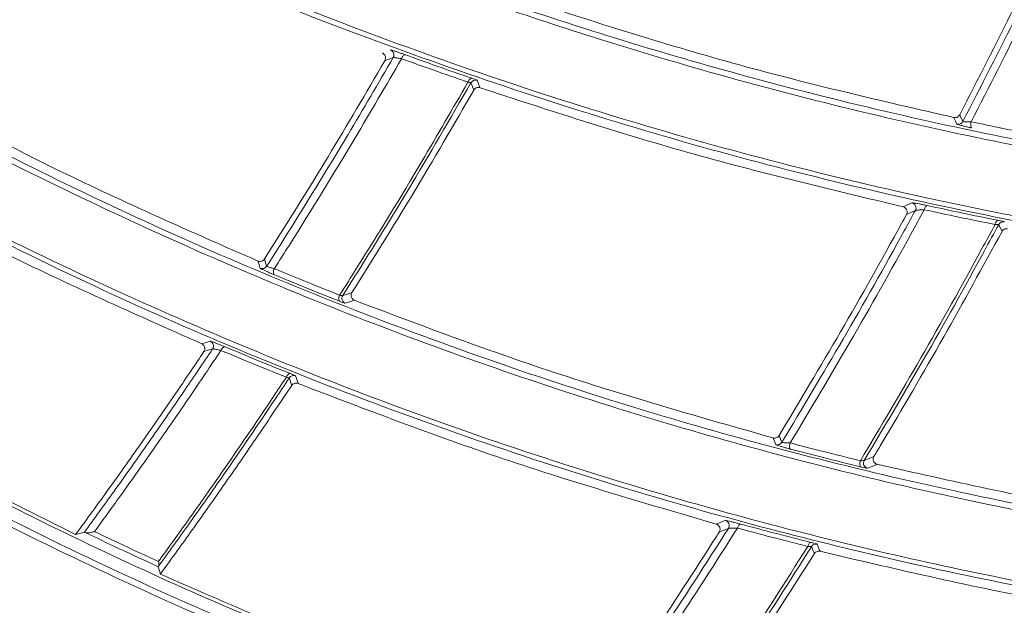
# Model space of a CAD drawing. Header units: millimetres. Extents: x 0 to 1118, y 0 to 864.
# Tile 366 of 512: x 562 to 571, y 391 to 397. Entities that reach past the tile are written whole.
import ezdxf

# ---------------------------------------------------------------- set-up
doc = ezdxf.new("R2010")
doc.units = ezdxf.units.MM
doc.styles.add('SLDTEXTSTYLE0', font='TXT', dxfattribs={"width": 0.605})
doc.dimstyles.new('SLDDIMSTYLE0', dxfattribs={"dimtxt": 3.175, "dimasz": 3.302, "dimexe": 0, "dimexo": 0.0625, "dimgap": 0.79375, "dimtad": 0, "dimdec": 1, "dimlfac": 4, "dimrnd": 1e-09, "dimzin": 12, "dimdsep": 46, "dimtxsty": 'SLDTEXTSTYLE0', "dimsah": 1, "dimcen": 0.09, "dimadec": 0, "dimazin": 3, "dimtfac": 1, "dimtofl": 0, "dimtmove": 0, "dimatfit": 3, "dimfxl": 1, "dimfrac": 2, "dimtolj": 1, "dimtzin": 12, "dimarcsym": 0})

# ---------------------------------------------------------------- blocks, each defined once
blk = doc.blocks.new('_D')
at = {"color": 7, "linetype": 'Continuous', "lineweight": 0}
for p, q in [((523.7253, 418.7386), (523.7253, 362.2728)), ((602.5982, 372.5052), (602.5982, 362.2728)), ((523.7253, 363.8728), (554.251, 363.8728)), ((602.5982, 363.8728), (565.1651, 363.8728))]:
    blk.add_line(p, q, dxfattribs=at)
for points in [[(523.7253, 363.8728), (527.0273, 363.3648), (527.0273, 364.3808)], [(602.5982, 363.8728), (599.2962, 364.3808), (599.2962, 363.3648)]]:
    blk.add_solid(points, dxfattribs=at)
at = {"color": 7, "linetype": 'Continuous', "lineweight": 0, "insert": (554.251, 365.5293), "char_height": 3.175, "attachment_point": 1, "style": 'SLDTEXTSTYLE0'}
blk.add_mtext('315.5', dxfattribs=at)

msp = doc.modelspace()

# ---------------------------------------------------------------- linework, layer by layer
at = {"color": 7, "linetype": 'Continuous', "lineweight": 15}
msp.add_line((563.3454, 391.578), (563.3432, 391.5738), dxfattribs=at)
at = {"color": 9, "linetype": 'Continuous', "lineweight": 0, "flags": 128}
for points in [[(565.6366, 396.3636), (565.6403, 396.3719), (565.6446, 396.3795), (565.6493, 396.3862), (565.6543, 396.3918), (565.6593, 396.396), (565.6643, 396.3989), (565.6691, 396.4001), (565.6735, 396.3998)], [(565.5578, 396.3737), (565.5183, 396.359), (565.4902, 396.3485), (565.4788, 396.3442)], [(566.2629, 396.1424), (566.2665, 396.1506), (566.2706, 396.1583), (566.2751, 396.165), (566.2799, 396.1706), (566.2848, 396.175), (566.2897, 396.1779), (566.2943, 396.1792), (566.2986, 396.179)], [(566.3177, 396.0673), (566.3042, 396.102), (566.3039, 396.1026), (566.2907, 396.1367)], [(566.3494, 396.1595), (566.3626, 396.1254), (566.3722, 396.1008), (566.3767, 396.0892)], [(570.899, 395.8347), (570.9136, 395.803), (570.9143, 395.8014), (570.9282, 395.7713)], [(570.8726, 395.7458), (570.8587, 395.7759), (570.8479, 395.7995), (570.8437, 395.8084)], [(571.013, 395.7105), (571.0094, 395.7127), (571.0064, 395.7169), (571.0041, 395.7228), (571.0027, 395.7303), (571.0022, 395.739), (571.0025, 395.7485), (571.0038, 395.7585), (571.0059, 395.7685)], [(570.3646, 394.967), (570.4071, 394.9867), (570.4383, 395.0012), (570.4469, 395.0052)], [(570.4807, 394.9324), (570.4387, 394.9129), (570.3967, 394.8934)], [(570.5646, 394.9392), (570.5671, 394.9476), (570.5701, 394.9554), (570.5735, 394.9624), (570.5772, 394.9683), (570.5811, 394.973), (570.585, 394.9764), (570.5888, 394.9783), (570.5925, 394.9787)], [(571.2321, 394.8), (571.2345, 394.8084), (571.2373, 394.8162), (571.2406, 394.8232), (571.2441, 394.8292), (571.2478, 394.834), (571.2516, 394.8374), (571.2553, 394.8393), (571.2588, 394.8398)], [(571.2976, 394.735), (571.2819, 394.7675), (571.2816, 394.7682), (571.2663, 394.8001)], [(564.3025, 394.3885), (564.2928, 394.4206), (564.285, 394.4465), (564.2824, 394.4553)], [(564.3445, 394.4751), (564.3546, 394.4412), (564.3552, 394.4393), (564.3648, 394.4073)], [(564.4373, 394.3259), (564.4336, 394.329), (564.4308, 394.3337), (564.4291, 394.34), (564.4285, 394.3475), (564.429, 394.356), (564.4307, 394.3652), (564.4334, 394.3745), (564.4371, 394.3838)], [(565.0823, 394.1304), (565.1251, 394.144), (565.1679, 394.1575)], [(565.0535, 394.0758), (565.0498, 394.0788), (565.047, 394.0835), (565.0452, 394.0898), (565.0445, 394.0973), (565.045, 394.1059), (565.0466, 394.1151), (565.0492, 394.1245), (565.0528, 394.1339)], [(565.1927, 394.0851), (565.1473, 394.0707), (565.1053, 394.0575)], [(563.7522, 393.6759), (563.7933, 393.6886), (563.8316, 393.7004)], [(563.8545, 393.6263), (563.8138, 393.6138), (563.7732, 393.6013)], [(563.9341, 393.613), (563.9383, 393.621), (563.9429, 393.6283), (563.9479, 393.6347), (563.9532, 393.64), (563.9585, 393.6439), (563.9636, 393.6464), (563.9684, 393.6474), (563.9728, 393.6469)], [(564.5505, 393.3598), (564.5545, 393.3678), (564.559, 393.3752), (564.5638, 393.3816), (564.5689, 393.3869), (564.574, 393.3909), (564.579, 393.3935), (564.5837, 393.3946), (564.588, 393.3942)], [(564.6008, 393.2829), (564.5894, 393.318), (564.5892, 393.3186), (564.5795, 393.3486), (564.578, 393.3531)], [(564.6374, 393.3723), (564.6388, 393.3678), (564.6485, 393.3378), (564.6603, 393.3011)], [(569.1652, 392.7242), (569.1532, 392.7548), (569.1438, 392.7788), (569.1402, 392.7879)], [(569.1963, 392.8107), (569.209, 392.7785), (569.2096, 392.7769), (569.2216, 392.7463)], [(569.3048, 392.6818), (569.3012, 392.6842), (569.2984, 392.6886), (569.2964, 392.6947), (569.2953, 392.7022), (569.2952, 392.711), (569.2961, 392.7206), (569.2979, 392.7305), (569.3006, 392.7404)], [(569.9674, 392.514), (569.9639, 392.5163), (569.961, 392.5206), (569.959, 392.5267), (569.9579, 392.5343), (569.9577, 392.5431), (569.9584, 392.5527), (569.9601, 392.5627), (569.9626, 392.5727)], [(569.9989, 392.5753), (570.0442, 392.5938), (570.0895, 392.6124)], [(570.1215, 392.539), (570.0736, 392.5193), (570.0293, 392.5012)], [(568.6031, 391.9759), (568.6471, 391.9932), (568.6882, 392.0095)], [(568.7179, 391.9344), (568.6745, 391.9172), (568.6311, 391.9001)], [(568.8037, 391.9379), (568.8067, 391.9461), (568.8101, 391.9536), (568.8138, 391.9604), (568.8178, 391.966), (568.8219, 391.9705), (568.826, 391.9736), (568.8299, 391.9753), (568.8336, 391.9755)], [(569.4667, 391.7649), (569.4695, 391.7731), (569.4727, 391.7807), (569.4763, 391.7874), (569.4801, 391.7932), (569.4841, 391.7977), (569.488, 391.8009), (569.4918, 391.8026), (569.4954, 391.8029)], [(569.5284, 391.6972), (569.5147, 391.7304), (569.5144, 391.7311), (569.501, 391.7636)], [(569.5547, 391.7858), (569.5681, 391.7532), (569.5775, 391.7304), (569.5823, 391.7187)]]:
    msp.add_lwpolyline(points, dxfattribs=at)
at = {"color": 7, "linetype": 'Continuous', "lineweight": 15, "flags": 128}
for points in [[(562.6459, 391.8984), (562.625, 391.893), (562.5639, 391.8772)], [(563.3432, 391.5738), (563.3562, 391.5264), (563.3624, 391.5035)]]:
    msp.add_lwpolyline(points, dxfattribs=at)
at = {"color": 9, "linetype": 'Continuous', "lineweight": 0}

PROBLEM TO WORK ON:
In the entries above, find the line with "each defined once" and the line with "blk.add_solid(points, dxfattribs=at)", then set down exactly those two and every line between them, nothing else.

COMPLETED EXERCISE:
# ---------------------------------------------------------------- blocks, each defined once
blk = doc.blocks.new('_D')
at = {"color": 7, "linetype": 'Continuous', "lineweight": 0}
for p, q in [((523.7253, 418.7386), (523.7253, 362.2728)), ((602.5982, 372.5052), (602.5982, 362.2728)), ((523.7253, 363.8728), (554.251, 363.8728)), ((602.5982, 363.8728), (565.1651, 363.8728))]:
    blk.add_line(p, q, dxfattribs=at)
for points in [[(523.7253, 363.8728), (527.0273, 363.3648), (527.0273, 364.3808)], [(602.5982, 363.8728), (599.2962, 364.3808), (599.2962, 363.3648)]]:
    blk.add_solid(points, dxfattribs=at)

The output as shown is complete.